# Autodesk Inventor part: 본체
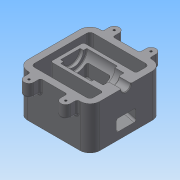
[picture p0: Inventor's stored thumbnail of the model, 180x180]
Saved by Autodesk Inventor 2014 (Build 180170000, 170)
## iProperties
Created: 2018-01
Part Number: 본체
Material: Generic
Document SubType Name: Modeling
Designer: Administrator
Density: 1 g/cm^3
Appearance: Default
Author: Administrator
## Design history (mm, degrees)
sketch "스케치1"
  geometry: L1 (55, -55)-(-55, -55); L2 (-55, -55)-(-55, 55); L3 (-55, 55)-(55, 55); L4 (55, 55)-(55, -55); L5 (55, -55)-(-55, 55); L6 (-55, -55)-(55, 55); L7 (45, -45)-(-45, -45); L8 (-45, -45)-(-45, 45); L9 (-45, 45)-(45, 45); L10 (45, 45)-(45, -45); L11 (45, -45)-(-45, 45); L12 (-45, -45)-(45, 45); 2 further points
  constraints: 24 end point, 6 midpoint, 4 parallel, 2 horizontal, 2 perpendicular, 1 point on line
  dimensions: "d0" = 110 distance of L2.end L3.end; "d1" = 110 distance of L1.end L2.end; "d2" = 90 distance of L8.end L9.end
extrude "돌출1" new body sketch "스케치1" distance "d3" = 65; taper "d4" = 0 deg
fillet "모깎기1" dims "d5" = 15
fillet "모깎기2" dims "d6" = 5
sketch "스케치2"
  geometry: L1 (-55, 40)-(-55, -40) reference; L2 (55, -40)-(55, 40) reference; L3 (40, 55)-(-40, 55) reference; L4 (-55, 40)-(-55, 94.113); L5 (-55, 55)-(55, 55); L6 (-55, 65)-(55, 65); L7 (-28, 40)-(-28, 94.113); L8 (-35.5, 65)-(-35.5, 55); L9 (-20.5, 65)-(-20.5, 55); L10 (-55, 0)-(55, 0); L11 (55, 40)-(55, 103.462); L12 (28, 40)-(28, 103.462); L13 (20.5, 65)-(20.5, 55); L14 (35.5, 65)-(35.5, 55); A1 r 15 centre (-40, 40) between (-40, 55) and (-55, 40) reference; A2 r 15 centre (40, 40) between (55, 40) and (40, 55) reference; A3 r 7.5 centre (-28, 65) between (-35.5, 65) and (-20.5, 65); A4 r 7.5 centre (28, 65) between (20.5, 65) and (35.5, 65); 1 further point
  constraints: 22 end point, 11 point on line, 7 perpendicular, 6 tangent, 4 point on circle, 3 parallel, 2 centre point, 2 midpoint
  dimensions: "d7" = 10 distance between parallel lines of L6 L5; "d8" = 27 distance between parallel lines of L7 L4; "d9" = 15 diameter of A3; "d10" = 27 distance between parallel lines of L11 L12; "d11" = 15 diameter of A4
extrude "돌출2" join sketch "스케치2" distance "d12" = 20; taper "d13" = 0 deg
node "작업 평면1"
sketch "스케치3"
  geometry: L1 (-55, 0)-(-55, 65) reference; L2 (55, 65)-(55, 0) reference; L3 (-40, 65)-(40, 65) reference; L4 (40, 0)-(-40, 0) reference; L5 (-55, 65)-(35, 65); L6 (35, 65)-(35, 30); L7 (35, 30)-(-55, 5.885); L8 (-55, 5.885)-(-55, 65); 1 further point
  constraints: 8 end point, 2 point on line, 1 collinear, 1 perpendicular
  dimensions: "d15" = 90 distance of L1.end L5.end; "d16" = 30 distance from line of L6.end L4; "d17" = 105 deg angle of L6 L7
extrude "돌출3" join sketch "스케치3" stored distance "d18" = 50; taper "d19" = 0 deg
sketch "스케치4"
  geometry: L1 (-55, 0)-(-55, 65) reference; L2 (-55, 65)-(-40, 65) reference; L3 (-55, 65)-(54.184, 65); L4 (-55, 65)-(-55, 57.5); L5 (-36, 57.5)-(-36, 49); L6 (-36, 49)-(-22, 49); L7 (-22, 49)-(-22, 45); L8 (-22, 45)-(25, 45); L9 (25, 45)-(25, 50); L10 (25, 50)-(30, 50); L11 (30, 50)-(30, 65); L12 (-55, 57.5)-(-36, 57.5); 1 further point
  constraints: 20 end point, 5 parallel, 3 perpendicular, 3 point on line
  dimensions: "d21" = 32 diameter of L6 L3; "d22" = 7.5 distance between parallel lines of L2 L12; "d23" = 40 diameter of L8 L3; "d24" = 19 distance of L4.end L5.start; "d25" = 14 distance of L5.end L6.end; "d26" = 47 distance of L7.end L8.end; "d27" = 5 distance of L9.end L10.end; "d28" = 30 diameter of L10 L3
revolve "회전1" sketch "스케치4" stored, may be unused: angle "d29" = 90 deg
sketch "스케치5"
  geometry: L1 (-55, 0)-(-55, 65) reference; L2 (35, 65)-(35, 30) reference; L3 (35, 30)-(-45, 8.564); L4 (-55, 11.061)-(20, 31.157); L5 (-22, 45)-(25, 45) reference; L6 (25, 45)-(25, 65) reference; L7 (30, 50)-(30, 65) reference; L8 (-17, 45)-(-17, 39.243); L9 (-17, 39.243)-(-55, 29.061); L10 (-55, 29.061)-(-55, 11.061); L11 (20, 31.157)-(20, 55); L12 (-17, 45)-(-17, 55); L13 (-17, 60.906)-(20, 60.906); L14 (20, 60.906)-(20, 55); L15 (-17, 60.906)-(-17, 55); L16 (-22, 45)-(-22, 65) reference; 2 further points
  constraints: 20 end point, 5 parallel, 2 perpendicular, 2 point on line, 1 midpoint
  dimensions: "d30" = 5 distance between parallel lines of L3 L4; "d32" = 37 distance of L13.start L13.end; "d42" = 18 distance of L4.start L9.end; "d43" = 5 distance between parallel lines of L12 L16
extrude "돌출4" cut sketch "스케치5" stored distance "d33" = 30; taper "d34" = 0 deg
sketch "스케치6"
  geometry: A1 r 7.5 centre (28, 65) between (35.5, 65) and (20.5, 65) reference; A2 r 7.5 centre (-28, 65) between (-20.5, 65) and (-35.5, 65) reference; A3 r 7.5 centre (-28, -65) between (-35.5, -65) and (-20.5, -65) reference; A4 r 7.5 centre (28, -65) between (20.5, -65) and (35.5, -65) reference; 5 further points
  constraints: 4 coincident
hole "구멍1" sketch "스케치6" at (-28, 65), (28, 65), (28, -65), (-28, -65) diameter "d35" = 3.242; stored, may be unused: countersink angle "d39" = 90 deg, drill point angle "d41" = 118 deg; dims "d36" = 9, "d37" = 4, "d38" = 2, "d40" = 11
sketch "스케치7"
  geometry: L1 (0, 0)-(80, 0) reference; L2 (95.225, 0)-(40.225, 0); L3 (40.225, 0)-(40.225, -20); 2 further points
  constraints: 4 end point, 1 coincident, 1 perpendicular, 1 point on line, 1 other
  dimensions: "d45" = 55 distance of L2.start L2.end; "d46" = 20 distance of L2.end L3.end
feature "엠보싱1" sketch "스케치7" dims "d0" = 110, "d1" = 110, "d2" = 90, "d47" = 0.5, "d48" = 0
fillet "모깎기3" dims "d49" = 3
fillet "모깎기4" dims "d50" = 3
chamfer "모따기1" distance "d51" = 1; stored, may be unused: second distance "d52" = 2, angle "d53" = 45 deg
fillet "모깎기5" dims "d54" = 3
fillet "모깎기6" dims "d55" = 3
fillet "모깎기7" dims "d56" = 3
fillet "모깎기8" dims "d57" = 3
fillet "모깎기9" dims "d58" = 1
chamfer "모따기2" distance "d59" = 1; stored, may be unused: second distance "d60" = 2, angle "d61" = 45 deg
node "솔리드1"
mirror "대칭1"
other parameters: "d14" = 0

▶ _Task goal_
Check each line of the listing above for the string "perpendicular", then give how many lines have it. No other text.

▶ _Expected answer_
6